*** Block opens ***
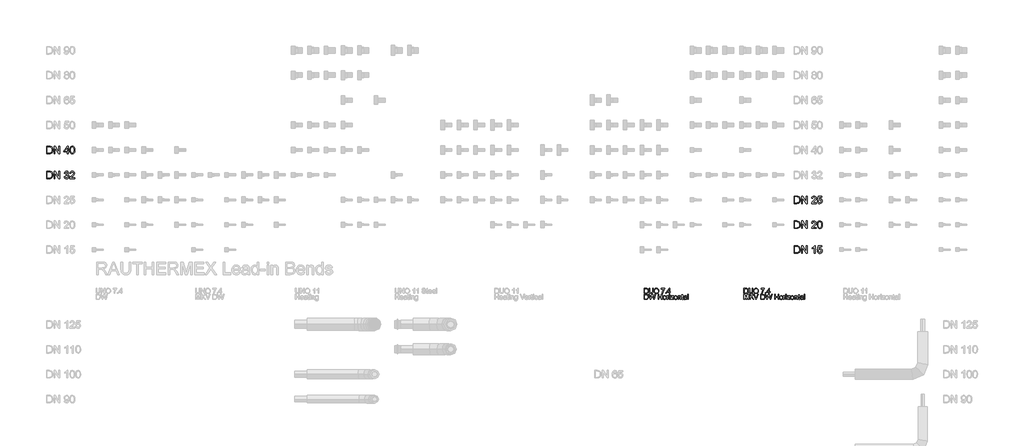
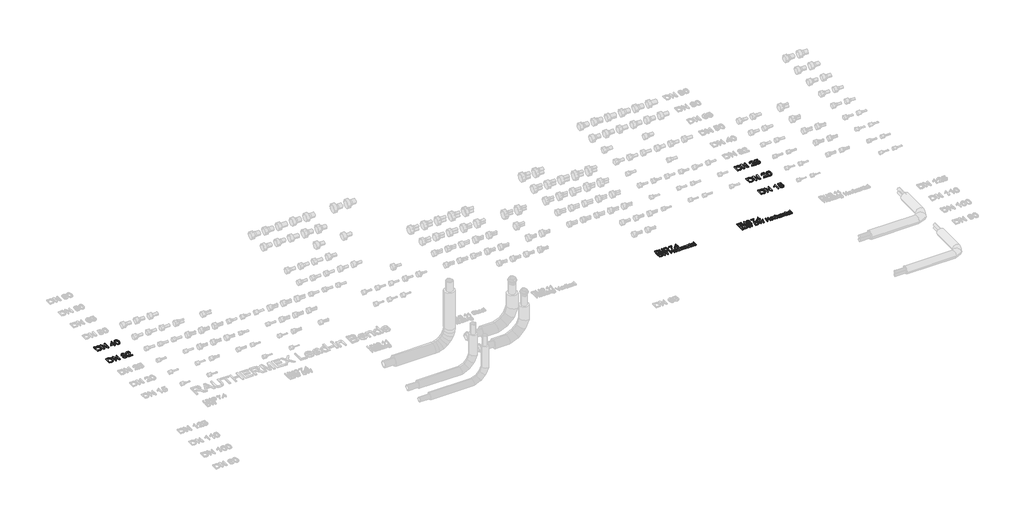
# One storey, part 12 of 44: 7 proxies.
"""IFC4 building model written with IfcOpenShell, lengths in millimetres."""

from ifc_helpers import new_model, si_unit, origin, origin_with_axes, place, context, project, spatial, polyline, outline, extrude, element, save

model = new_model("IFC4")

# Units and contexts
model_context = context("Model", 3, world=origin())
ifc_project = project(units=[si_unit("LENGTHUNIT", "METRE", prefix="MILLI")], contexts=[model_context])

# Site, building, storey
site = spatial("IfcSite", under=ifc_project)
building = spatial("IfcBuilding", under=site)
storey = spatial("IfcBuildingStorey", under=building, Name="REHAU Starting view", Elevation=0.0)

# Proxies
placement = place(None, origin())
element("IfcBuildingElementProxy", 1, Name="100", ObjectType="100", at=placement, inside=storey, context=model_context, shape_type="SweptSolid", body=[
    extrude(outline(polyline([(12010.9874089, 6121.9748178), (12010.9874089, 6222.431128), (12045.6418929, 6222.431128), (12063.5700088, 6220.9841255), (12078.3343395, 6213.7981638), (12090.2291907, 6196.6303374), (12094.1777908, 6172.7425332), (12091.5045149, 6152.4722352), (12084.6373844, 6137.8427946), (12075.4648599, 6128.7315838), (12063.4596442, 6123.6916005), (12047.3096246, 6121.9748178), (12010.9874089, 6121.9748178)]), holes=[polyline([(12023.5444477, 6134.5318566), (12045.7645202, 6134.5318566), (12061.9268025, 6136.3467411), (12071.2464797, 6141.4725636), (12078.8861625, 6153.9437632), (12081.620752, 6172.9387369), (12080.2810484, 6186.6239471), (12076.2619376, 6196.7284393), (12063.2266522, 6207.863001), (12045.4211637, 6209.8740892), (12023.5444477, 6209.8740892), (12023.5444477, 6134.5318566)])]), origin_with_axes(), (0.0, 0.0, 1.0), 20.0),
    extrude(outline(polyline([(12177.3681726, 6222.431128), (12189.9252114, 6222.431128), (12189.9252114, 6164.477451), (12186.5161716, 6140.4547567), (12174.2289129, 6125.9847316), (12163.9650053, 6121.8000739), (12150.9297199, 6120.405188), (12127.9861461, 6125.2612303), (12120.3464634, 6131.2055902), (12115.2574291, 6139.3265853), (12111.4437191, 6164.477451), (12111.4437191, 6222.431128), (12124.0007578, 6222.431128), (12124.0007578, 6164.9189094), (12126.4778299, 6145.7767829), (12134.9881668, 6136.2976902), (12149.7524975, 6132.9622268), (12162.5241341, 6134.6115644), (12171.0160768, 6139.5595772), (12175.7801487, 6149.1980855), (12177.3681726, 6164.9189094), (12177.3681726, 6222.431128)])), origin_with_axes(), (0.0, 0.0, 1.0), 20.0),
    extrude(outline(polyline([(12207.1911397, 6170.8785977), (12210.5388658, 6193.0925389), (12220.5820443, 6209.8986147), (12235.9165921, 6220.4752221), (12255.1384264, 6224.0007578), (12268.3147332, 6222.3452889), (12280.1298766, 6217.3788819), (12289.9400631, 6209.4510249), (12297.1014993, 6198.9112058), (12301.479295, 6186.2683279), (12302.9385603, 6172.0312947), (12301.402653, 6157.6041891), (12296.794931, 6144.7835015), (12289.369846, 6134.2252883), (12279.3818499, 6126.5856055), (12267.667874, 6121.9502924), (12255.06485, 6120.405188), (12241.6862081, 6122.1127736), (12229.8036197, 6127.2355304), (12220.0179586, 6135.3105402), (12212.9300988, 6145.8748848), (12207.1911397, 6170.8785977)]), holes=[polyline([(12219.7481785, 6170.7559704), (12222.2589731, 6155.0412778), (12229.7913569, 6143.0667189), (12241.1129253, 6135.4883498), (12254.9912736, 6132.9622268), (12269.071957, 6135.5128753), (12280.4119195, 6143.1648208), (12287.889121, 6155.5072617), (12290.3815215, 6172.1293965), (12286.1140904, 6192.8534156), (12273.6428907, 6206.575414), (12255.2120028, 6211.4437191), (12241.7046022, 6209.0984714), (12230.2205526, 6202.0627282), (12222.366272, 6189.5455433), (12219.7481785, 6170.7559704)])]), origin_with_axes(), (0.0, 0.0, 1.0), 20.0),
    extrude(outline(polyline([(12354.7363452, 6208.3044594), (12354.7363452, 6220.8614981), (12420.6607988, 6220.8614981), (12420.6607988, 6210.7079551), (12401.9601307, 6183.6931539), (12387.6495211, 6149.2716619), (12382.9896824, 6121.9748178), (12370.4326437, 6121.9748178), (12375.4235761, 6150.3017315), (12389.121049, 6182.3197278), (12408.10376, 6208.3044594), (12354.7363452, 6208.3044594)])), origin_with_axes(), (0.0, 0.0, 1.0), 20.0),
    extrude(outline(polyline([(12437.9267271, 6121.9748178), (12437.9267271, 6134.5318566), (12450.4837658, 6134.5318566), (12450.4837658, 6121.9748178), (12437.9267271, 6121.9748178)])), origin_with_axes(), (0.0, 0.0, 1.0), 20.0),
    extrude(outline(polyline([(12511.6993298, 6121.9748178), (12511.6993298, 6145.5192655), (12466.1800643, 6145.5192655), (12466.1800643, 6158.0763043), (12514.8385895, 6220.8614981), (12524.2563686, 6220.8614981), (12524.2563686, 6158.0763043), (12536.8134074, 6158.0763043), (12536.8134074, 6145.5192655), (12524.2563686, 6145.5192655), (12524.2563686, 6121.9748178), (12511.6993298, 6121.9748178)]), holes=[polyline([(12511.6993298, 6158.0763043), (12511.6993298, 6196.8755921), (12481.6311081, 6158.0763043), (12511.6993298, 6158.0763043)])]), origin_with_axes(), (0.0, 0.0, 1.0), 20.0),
    extrude(outline(polyline([(12010.9874089, 6000.0), (12010.9874089, 6100.4563101), (12045.6418929, 6100.4563101), (12063.5700088, 6099.0093076), (12078.3343395, 6091.823346), (12090.2291907, 6074.6555196), (12094.1777908, 6050.7677153), (12091.5045149, 6030.4974174), (12084.6373844, 6015.8679767), (12075.4648599, 6006.756766), (12063.4596442, 6001.7167826), (12047.3096246, 6000.0), (12010.9874089, 6000.0)]), holes=[polyline([(12023.5444477, 6012.5570388), (12045.7645202, 6012.5570388), (12061.9268025, 6014.3719233), (12071.2464797, 6019.4977457), (12078.8861625, 6031.9689454), (12081.620752, 6050.9639191), (12080.2810484, 6064.6491293), (12076.2619376, 6074.7536214), (12063.2266522, 6085.8881831), (12045.4211637, 6087.8992714), (12023.5444477, 6087.8992714), (12023.5444477, 6012.5570388)])]), origin_with_axes(), (0.0, 0.0, 1.0), 20.0),
    extrude(outline(polyline([(12129.4208859, 6000.0), (12102.02594, 6100.4563101), (12114.9753862, 6100.4563101), (12130.8678884, 6034.4337547), (12135.7729817, 6014.0530922), (12141.0214315, 6032.07931), (12160.9361102, 6100.4563101), (12179.59999, 6100.4563101), (12194.0700152, 6050.8903427), (12204.8366949, 6014.0530922), (12209.5946354, 6033.8451436), (12225.6342904, 6100.4563101), (12238.5837366, 6100.4563101), (12211.1642652, 6000.0), (12197.7488351, 6000.0), (12173.6648272, 6077.5004737), (12170.3048383, 6088.3162043), (12166.5279165, 6075.2931817), (12144.5776241, 6000.0), (12129.4208859, 6000.0)])), origin_with_axes(), (0.0, 0.0, 1.0), 20.0),
    extrude(outline(polyline([(12290.3815215, 6000.0), (12290.3815215, 6100.4563101), (12302.9385603, 6100.4563101), (12302.9385603, 6059.6459342), (12356.3059751, 6059.6459342), (12356.3059751, 6100.4563101), (12368.8630138, 6100.4563101), (12368.8630138, 6000.0), (12356.3059751, 6000.0), (12356.3059751, 6047.0888954), (12302.9385603, 6047.0888954), (12302.9385603, 6000.0), (12290.3815215, 6000.0)])), origin_with_axes(), (0.0, 0.0, 1.0), 20.0),
    extrude(outline(polyline([(12386.1289421, 6036.8863014), (12388.8451375, 6054.6733958), (12396.9937237, 6067.1752523), (12407.0614277, 6073.3004875), (12419.1156944, 6075.3422326), (12432.3073296, 6072.8559635), (12442.8440831, 6065.397156), (12449.7510675, 6053.5544214), (12452.0533957, 6037.916371), (12447.9821683, 6015.5736711), (12436.1241053, 6002.9307932), (12419.1156944, 5998.4303702), (12405.7646436, 6000.9074423), (12395.2401529, 6008.3386586), (12388.4067448, 6020.4297135), (12386.1289421, 6036.8863014)]), holes=[polyline([(12398.6859809, 6036.9108268), (12400.1391148, 6025.5463389), (12404.4985164, 6017.4498693), (12411.0590787, 6012.603024), (12419.1156944, 6010.9874089), (12427.1355219, 6012.6122211), (12433.6838214, 6017.4866575), (12438.043223, 6025.690426), (12439.4963569, 6037.3032343), (12438.034026, 6048.3366285), (12433.6470332, 6056.3227335), (12427.0895366, 6061.1695787), (12419.1156944, 6062.7851938), (12411.0590787, 6061.1757101), (12404.4985164, 6056.3472589), (12400.1391148, 6048.2691835), (12398.6859809, 6036.9108268)])]), origin_with_axes(), (0.0, 0.0, 1.0), 20.0),
    extrude(outline(polyline([(12466.1800643, 6000.0), (12466.1800643, 6073.7726028), (12477.1674732, 6073.7726028), (12477.1674732, 6062.8587702), (12484.9665715, 6072.9142114), (12492.8147207, 6075.3422326), (12505.4208104, 6071.4672089), (12501.2269557, 6060.2100199), (12492.3977878, 6062.7851938), (12485.2976653, 6060.3081217), (12480.7727168, 6053.4409912), (12478.7371031, 6038.7747623), (12478.7371031, 6000.0), (12466.1800643, 6000.0)])), origin_with_axes(), (0.0, 0.0, 1.0), 20.0),
    extrude(outline(polyline([(12513.2689597, 6087.8992714), (12513.2689597, 6100.4563101), (12525.8259984, 6100.4563101), (12525.8259984, 6087.8992714), (12513.2689597, 6087.8992714)])), origin_with_axes(), (0.0, 0.0, 1.0), 20.0),
    extrude(outline(polyline([(12513.2689597, 6000.0), (12513.2689597, 6073.7726028), (12525.8259984, 6073.7726028), (12525.8259984, 6000.0), (12513.2689597, 6000.0)])), origin_with_axes(), (0.0, 0.0, 1.0), 20.0),
    extrude(outline(polyline([(12536.8134074, 6000.0), (12536.8134074, 6011.8212748), (12580.1499064, 6061.215564), (12567.3230875, 6061.215564), (12539.9526671, 6061.215564), (12539.9526671, 6073.7726028), (12598.0289714, 6073.7726028), (12598.0289714, 6063.1040249), (12559.5975656, 6019.2770165), (12553.7114537, 6012.5570388), (12568.2305298, 6012.5570388), (12599.5986012, 6012.5570388), (12599.5986012, 6000.0), (12536.8134074, 6000.0)])), origin_with_axes(), (0.0, 0.0, 1.0), 20.0),
    extrude(outline(polyline([(12609.0163803, 6036.8863014), (12611.7325757, 6054.6733958), (12619.8811619, 6067.1752523), (12629.9488658, 6073.3004875), (12642.0031325, 6075.3422326), (12655.1947677, 6072.8559635), (12665.7315212, 6065.397156), (12672.6385057, 6053.5544214), (12674.9408338, 6037.916371), (12670.8696064, 6015.5736711), (12659.0115434, 6002.9307932), (12642.0031325, 5998.4303702), (12628.6520818, 6000.9074423), (12618.127591, 6008.3386586), (12611.294183, 6020.4297135), (12609.0163803, 6036.8863014)]), holes=[polyline([(12621.5734191, 6036.9108268), (12623.0265529, 6025.5463389), (12627.3859546, 6017.4498693), (12633.9465168, 6012.603024), (12642.0031325, 6010.9874089), (12650.02296, 6012.6122211), (12656.5712595, 6017.4866575), (12660.9306612, 6025.690426), (12662.383795, 6037.3032343), (12660.9214641, 6048.3366285), (12656.5344713, 6056.3227335), (12649.9769748, 6061.1695787), (12642.0031325, 6062.7851938), (12633.9465168, 6061.1757101), (12627.3859546, 6056.3472589), (12623.0265529, 6048.2691835), (12621.5734191, 6036.9108268)])]), origin_with_axes(), (0.0, 0.0, 1.0), 20.0),
    extrude(outline(polyline([(12689.0675024, 6000.0), (12689.0675024, 6073.7726028), (12701.6245412, 6073.7726028), (12701.6245412, 6063.4719069), (12711.2262613, 6072.3746512), (12724.335123, 6075.3422326), (12736.193186, 6072.9509996), (12744.2865899, 6066.6724803), (12748.051249, 6057.4386422), (12748.7134366, 6045.2985363), (12748.7134366, 6000.0), (12736.1563978, 6000.0), (12736.1563978, 6043.6062792), (12734.7093953, 6054.7163154), (12729.5958356, 6060.5901646), (12720.9751341, 6062.7851938), (12707.3512376, 6057.8555751), (12703.0562153, 6050.712533), (12701.6245412, 6039.1426443), (12701.6245412, 6000.0), (12689.0675024, 6000.0)])), origin_with_axes(), (0.0, 0.0, 1.0), 20.0),
    extrude(outline(polyline([(12792.6630723, 6010.4723741), (12794.2327021, 5999.632118), (12784.8394485, 5998.4303702), (12774.3180234, 6000.5150348), (12769.0695737, 6005.9842138), (12767.5489947, 6020.2335097), (12767.5489947, 6061.215564), (12758.1312157, 6061.215564), (12758.1312157, 6073.7726028), (12767.5489947, 6073.7726028), (12767.5489947, 6091.7007187), (12780.1060335, 6099.082884), (12780.1060335, 6073.7726028), (12792.6630723, 6073.7726028), (12792.6630723, 6061.215564), (12780.1060335, 6061.215564), (12780.1060335, 6020.6013917), (12780.7682211, 6014.1266686), (12782.9141994, 6011.8335375), (12787.1938933, 6010.9874089), (12792.6630723, 6010.4723741)])), origin_with_axes(), (0.0, 0.0, 1.0), 20.0),
    extrude(outline(polyline([(12852.3090064, 6009.4177791), (12840.1321124, 6000.9074423), (12826.6798941, 5998.4303702), (12816.1860602, 5999.9202922), (12808.4452099, 6004.3900585), (12803.671941, 6011.1774813), (12802.0808514, 6019.6203731), (12804.4843471, 6029.5531869), (12810.7996546, 6036.7636741), (12819.5920343, 6040.8839524), (12830.4568159, 6042.7724133), (12852.23543, 6047.0888954), (12852.3090064, 6049.8847985), (12848.8509157, 6059.1554248), (12834.9695017, 6062.7851938), (12822.2653102, 6060.3694354), (12816.20752, 6051.7977849), (12803.6504812, 6053.3674148), (12809.082872, 6065.6301479), (12820.02123, 6072.8161096), (12836.5881825, 6075.3422326), (12851.8062344, 6073.1104152), (12860.4024103, 6067.5063461), (12864.2529085, 6058.9837466), (12864.8660452, 6047.9963376), (12864.8660452, 6032.3736156), (12865.5037073, 6010.5582133), (12868.0053049, 6000.0), (12855.4482661, 6000.0), (12852.3090064, 6009.4177791)]), holes=[polyline([(12852.3090064, 6034.5318566), (12832.0509712, 6030.6813584), (12821.2475033, 6028.6457447), (12816.3546728, 6025.3348067), (12814.6378901, 6020.5032899), (12818.3780237, 6013.7097357), (12829.3531699, 6010.9874089), (12842.0573615, 6013.9917785), (12850.2488673, 6021.2635793), (12852.23543, 6030.975664), (12852.3090064, 6034.5318566)])]), origin_with_axes(), (0.0, 0.0, 1.0), 20.0),
    extrude(outline(polyline([(12882.1319735, 6000.0), (12882.1319735, 6100.4563101), (12894.6890123, 6100.4563101), (12894.6890123, 6000.0), (12882.1319735, 6000.0)])), origin_with_axes(), (0.0, 0.0, 1.0), 20.0),
])
element("IfcBuildingElementProxy", 2, Name="100", ObjectType="100", at=placement, inside=storey, context=model_context, shape_type="SweptSolid", body=[
    extrude(outline(polyline([(14010.9874089, 6121.9748178), (14010.9874089, 6222.431128), (14045.6418929, 6222.431128), (14063.5700088, 6220.9841255), (14078.3343395, 6213.7981638), (14090.2291907, 6196.6303374), (14094.1777908, 6172.7425332), (14091.5045149, 6152.4722352), (14084.6373844, 6137.8427946), (14075.4648599, 6128.7315838), (14063.4596442, 6123.6916005), (14047.3096246, 6121.9748178), (14010.9874089, 6121.9748178)]), holes=[polyline([(14023.5444477, 6134.5318566), (14045.7645202, 6134.5318566), (14061.9268025, 6136.3467411), (14071.2464797, 6141.4725636), (14078.8861625, 6153.9437632), (14081.620752, 6172.9387369), (14080.2810484, 6186.6239471), (14076.2619376, 6196.7284393), (14063.2266522, 6207.863001), (14045.4211637, 6209.8740892), (14023.5444477, 6209.8740892), (14023.5444477, 6134.5318566)])]), origin_with_axes(), (0.0, 0.0, 1.0), 20.0),
    extrude(outline(polyline([(14177.3681726, 6222.431128), (14189.9252114, 6222.431128), (14189.9252114, 6164.477451), (14186.5161716, 6140.4547567), (14174.2289129, 6125.9847316), (14163.9650053, 6121.8000739), (14150.9297199, 6120.405188), (14127.9861461, 6125.2612303), (14120.3464634, 6131.2055902), (14115.2574291, 6139.3265853), (14111.4437191, 6164.477451), (14111.4437191, 6222.431128), (14124.0007578, 6222.431128), (14124.0007578, 6164.9189094), (14126.4778299, 6145.7767829), (14134.9881668, 6136.2976902), (14149.7524975, 6132.9622268), (14162.5241341, 6134.6115644), (14171.0160768, 6139.5595772), (14175.7801487, 6149.1980855), (14177.3681726, 6164.9189094), (14177.3681726, 6222.431128)])), origin_with_axes(), (0.0, 0.0, 1.0), 20.0),
    extrude(outline(polyline([(14207.1911397, 6170.8785977), (14210.5388658, 6193.0925389), (14220.5820443, 6209.8986147), (14235.9165921, 6220.4752221), (14255.1384264, 6224.0007578), (14268.3147332, 6222.3452889), (14280.1298766, 6217.3788819), (14289.9400631, 6209.4510249), (14297.1014993, 6198.9112058), (14301.479295, 6186.2683279), (14302.9385603, 6172.0312947), (14301.402653, 6157.6041891), (14296.794931, 6144.7835015), (14289.369846, 6134.2252883), (14279.3818499, 6126.5856055), (14267.667874, 6121.9502924), (14255.06485, 6120.405188), (14241.6862081, 6122.1127736), (14229.8036197, 6127.2355304), (14220.0179586, 6135.3105402), (14212.9300988, 6145.8748848), (14207.1911397, 6170.8785977)]), holes=[polyline([(14219.7481785, 6170.7559704), (14222.2589731, 6155.0412778), (14229.7913569, 6143.0667189), (14241.1129253, 6135.4883498), (14254.9912736, 6132.9622268), (14269.071957, 6135.5128753), (14280.4119195, 6143.1648208), (14287.889121, 6155.5072617), (14290.3815215, 6172.1293965), (14286.1140904, 6192.8534156), (14273.6428907, 6206.575414), (14255.2120028, 6211.4437191), (14241.7046022, 6209.0984714), (14230.2205526, 6202.0627282), (14222.366272, 6189.5455433), (14219.7481785, 6170.7559704)])]), origin_with_axes(), (0.0, 0.0, 1.0), 20.0),
    extrude(outline(polyline([(14354.7363452, 6208.3044594), (14354.7363452, 6220.8614981), (14420.6607988, 6220.8614981), (14420.6607988, 6210.7079551), (14401.9601307, 6183.6931539), (14387.6495211, 6149.2716619), (14382.9896824, 6121.9748178), (14370.4326437, 6121.9748178), (14375.4235761, 6150.3017315), (14389.121049, 6182.3197278), (14408.10376, 6208.3044594), (14354.7363452, 6208.3044594)])), origin_with_axes(), (0.0, 0.0, 1.0), 20.0),
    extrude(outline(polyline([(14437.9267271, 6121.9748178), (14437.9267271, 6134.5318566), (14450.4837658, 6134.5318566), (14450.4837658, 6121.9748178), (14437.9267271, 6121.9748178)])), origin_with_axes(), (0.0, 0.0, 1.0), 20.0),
*** Block closes ***
Task goal: Repeat exactly and only the lines from the start of the data above through the line that holds "# Units and contexts", inclusive. Pictures do not belong in the copy.

The answer:
# One storey, part 12 of 44: 7 proxies.
"""IFC4 building model written with IfcOpenShell, lengths in millimetres."""

from ifc_helpers import new_model, si_unit, origin, origin_with_axes, place, context, project, spatial, polyline, outline, extrude, element, save

model = new_model("IFC4")

# Units and contexts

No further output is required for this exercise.